Global microbial protein networks reveal 600,000 plastic-degrading enzymes: a systemic biorevolution in waste management and circular economies

Indigenous knowledge systems, such as those in Māori *kaitiakitanga* or Andean *ayni* (reciprocity), frame plastic pollution as a symptom of broken relationships with the natural world, not merely a technical problem. These traditions emphasize circularity and regeneration, contrasting with the linear 'take-make-waste' model of industrial capitalism. However, Western scientific narratives often dismiss such knowledge as 'anecdotal,' despite its empirical basis in long-term ecological observation. The 600,000 microbial proteins identified may be part of a broader, ancient microbial 'toolkit' for breaking down complex organic compounds, including those introduced by human activity.

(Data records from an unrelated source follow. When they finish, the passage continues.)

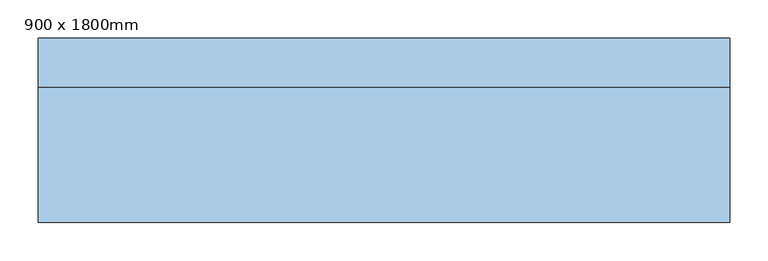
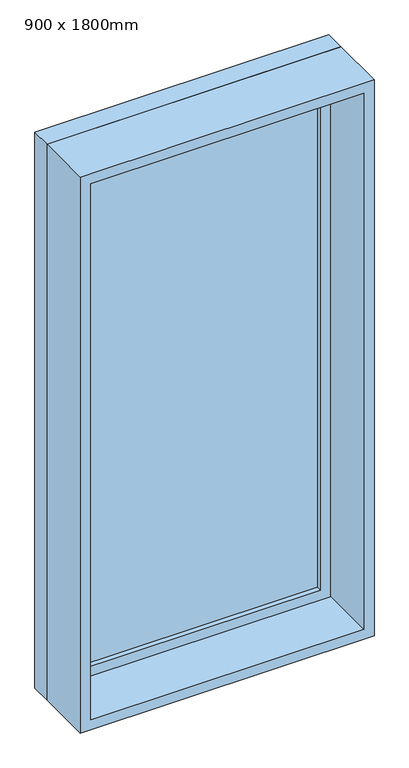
"""IFC4 building model written with IfcOpenShell, lengths in millimetres: window geometry, 固定窗 : 900 x 1800mm."""

from ifc_helpers import new_model, si_unit, frame, origin, place, context, project, spatial, polyline, outline, extrude, source, transform, mapped, element, save


def window_900_x_1800mm_95888512(model_context):
    return source(origin(), model_context, "Body", "SweptSolid", [
        extrude(outline(polyline([(348.4, 71.425), (-424.6, 71.425), (-424.6, 84.125), (348.4, 84.125), (348.4, 71.425)])), frame((0.0, 0.0, 363.5), z_axis=(0.0, 0.0, 1.0), x_axis=(1.0, 0.0, 0.0)), (0.0, 0.0, 1.0), 1673.0),
        extrude(outline(polyline([(2080.95, -469.05), (319.05, -469.05), (319.05, 392.85), (2080.95, 392.85), (2080.95, -469.05)]), holes=[polyline([(2036.5, -424.6), (2036.5, 348.4), (363.5, 348.4), (363.5, -424.6), (2036.5, -424.6)])]), frame((0.0, 55.55, 0.0), z_axis=(0.0, 1.0, 0.0), x_axis=(0.0, 0.0, 1.0)), (0.0, 0.0, 1.0), 44.45),
        extrude(outline(polyline([(2100.0, -488.1), (300.0, -488.1), (300.0, 411.9), (2100.0, 411.9), (2100.0, -488.1)]), holes=[polyline([(2068.25, -456.35), (2068.25, 380.15), (331.75, 380.15), (331.75, -456.35), (2068.25, -456.35)])]), frame((0.0, -120.0, 0.0), z_axis=(0.0, 1.0, 0.0), x_axis=(0.0, 0.0, 1.0)), (0.0, 0.0, 1.0), 175.55),
        extrude(outline(polyline([(2100.0, 411.9), (2100.0, -488.1), (300.0, -488.1), (300.0, 411.9), (2100.0, 411.9)]), holes=[polyline([(2080.95, 392.85), (319.05, 392.85), (319.05, -469.05), (2080.95, -469.05), (2080.95, 392.85)])]), frame((0.0, 55.55, 0.0), z_axis=(0.0, 1.0, 0.0), x_axis=(0.0, 0.0, 1.0)), (0.0, 0.0, 1.0), 64.45),
    ])


if __name__ == "__main__":
    model = new_model("IFC4")
    model_context = context("Model", 3, world=origin())
    ifc_project = project(units=[si_unit("LENGTHUNIT", "METRE", prefix="MILLI")], contexts=[model_context])
    site = spatial("IfcSite", under=ifc_project)
    building = spatial("IfcBuilding", under=site)
    placement = place(None, origin())
    window_900_x_1800mm_shape = window_900_x_1800mm_95888512(model_context)
    element("IfcWindow", 1, ObjectType="固定窗 : 900 x 1800mm", at=placement, inside=building, context=model_context, shape_type="MappedRepresentation", body=[
        mapped(window_900_x_1800mm_shape, transform((0.0, 0.0, 0.0), x_axis=(1.0, 0.0, 0.0), y_axis=(0.0, 1.0, 0.0), z_axis=(0.0, 0.0, 1.0))),
    ])
    save(model, "model.ifc")
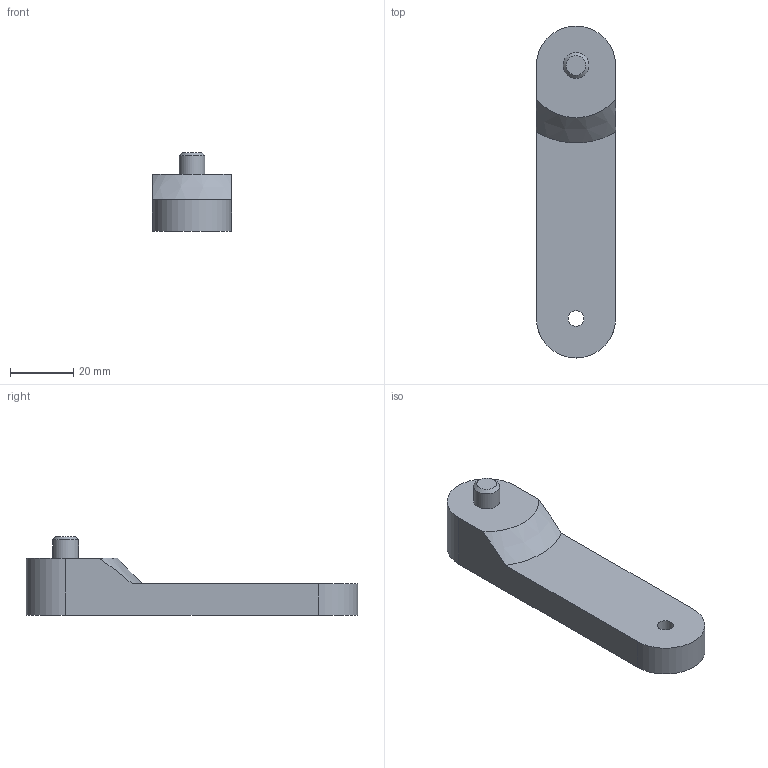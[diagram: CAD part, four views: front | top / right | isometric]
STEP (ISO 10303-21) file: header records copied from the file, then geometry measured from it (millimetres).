
FILE_DESCRIPTION(/* description */ ('STEP AP242 Edition 2','CAx-IF Rec.Pracs.---Representation and Presentation of Product Manufacturing Information (PMI)---4.0---2014-10-13','CAx-IF Rec.Pracs.---3D Tessellated Geometry---0.4---2014-09-14','2;1','CAx-IF Rec.Pracs.---User Defined Attributes---1.5---2016-08-15'),/* implementation_level */ '2;1');
FILE_NAME(/* name */ 'Draw Bot V4 - Updated Design - Right L1 Arm',/* time_stamp */ '2026-04-19T16:23:58Z',/* author */ (''),/* organization */ (''),/* preprocessor_version */ 'ST-DEVELOPER v20',/* originating_system */ 'ONSHAPE BY PTC INC, 1.213',/* authorisation */ ' ');
FILE_SCHEMA (('AP242_MANAGED_MODEL_BASED_3D_ENGINEERING_MIM_LF { 1 0 10303 442 3 1 4 }'));
Length unit declared in the file: millimetre
Products named in the file (1): Right L1 Arm
Bounding box: 25 x 105 x 24.9 mm (x, y, z)
Volume: 30350.2 mm3; surface area: 8811 mm2
Topology: 1 solids, 1 shells, 20 faces, 38 edges, 25 vertices
Faces by surface type: plane 10, cylinder 8, cone 2
Full cylindrical faces by diameter (mm): 4 x4, 5 x1, 8.2 x1
Entity records: 508 total; most frequent: DIRECTION 90, CARTESIAN_POINT 85, ORIENTED_EDGE 62, AXIS2_PLACEMENT_3D 40, EDGE_LOOP 34, FACE_BOUND 34, EDGE_CURVE 31, VERTEX_POINT 25

The history of microbial adaptation to human-made pollutants is well-documented, from the evolution of antibiotic-resistant bacteria in the 20th century to the emergence of plastic-degrading enzymes in landfills. Industrial plastic production began in the 1950s, but microbes have been breaking down natural polymers like cellulose and lignin for millennia, suggesting a latent capacity to evolve new enzymes. The current discovery mirrors past 'biorevolutions,' such as the domestication of microbes for fermentation or the use of bacteria in mining. However, the pace of microbial adaptation is outpaced by the scale of plastic production, creating a 'lag time' where waste accumulates faster than degradation can occur.

Cross-culturally, waste is not universally framed as a problem to be 'solved' by technology but as a relational failure requiring cultural and spiritual repair. In Japan, the concept of *mottainai* (regret over waste) drives community-led recycling and upcycling practices, while in West Africa, the *Nimba* people use microbial fermentation to break down organic waste into fertilizer. The Global South has long practiced 'zero-waste' systems, such as India's *kabadiwallas* or Mexico's *pepenadores*, which integrate informal labor with microbial processes. These systems are often co-opted or criminalized by formal waste management sectors, which prioritize profit over sustainability.

The discovery of 600,000 plastic-degrading proteins is based on metagenomic sequencing of microbial communities in diverse environments, from ocean sediments to landfills. This aligns with the 'pan-genome' concept, where microbial communities collectively harbor vast genetic diversity for breaking down complex compounds. However, the study likely underestimates the true diversity, as most microbes are unculturable using current methods. The scientific community must now address the 'valley of death' between discovery and application, where promising enzymes often fail in real-world conditions due to temperature, pH, or toxicity constraints. Additionally, the research overlooks the role of viruses in horizontal gene transfer, which may accelerate microbial adaptation to plastics.

Artistic and spiritual traditions often depict microbes as sacred intermediaries between life and decay, challenging the Western binary of 'clean' and 'dirty.' In Hindu cosmology, the goddess *Kali* embodies both destruction and regeneration, mirroring the dual role of microbes in breaking down plastics while cycling nutrients. Indigenous Australian art frequently depicts the interconnectedness of all life, including microscopic organisms, as part of the Dreamtime. Meanwhile, contemporary artists like Tarshito use microbial art to visualize plastic degradation, blending science with spiritual reflection. These perspectives suggest that solutions to plastic pollution may require not just technical innovation but a shift in cultural values toward humility and reciprocity.

Future scenarios for plastic pollution range from catastrophic collapse of marine ecosystems to a circular economy where microbes and fungi replace synthetic polymers. The most plausible mid-term pathway involves a 'biohybrid' approach, combining microbial enzymes with policy interventions like EPR laws and bans on single-use plastics. However, without addressing the root causes—fossil fuel subsidies, corporate lobbying, and global inequality—these innovations will remain Band-Aid solutions. Scenario modeling must also account for tipping points, such as the potential for plastic-eating microbes to disrupt soil microbiomes or create new forms of antibiotic resistance. The Global South's informal waste sectors could play a central role in scaling these solutions if given equitable access to resources.

Marginalized communities, including waste pickers, Indigenous groups, and scientists from the Global South, have long contributed to understanding plastic degradation but are systematically excluded from formal research and policy. Waste pickers in Brazil and India, for example, have developed techniques to sort and repurpose plastic that outperform industrial recycling, yet their labor is undervalued and often criminalized. Indigenous scientists like Robin Wall Kimmerer and Vandana Shiva have highlighted how Western science often 'extracts' knowledge from Indigenous communities without reciprocity. Meanwhile, researchers in Nigeria and Kenya are pioneering low-cost microbial solutions for plastic waste, but lack funding due to structural biases in global research funding.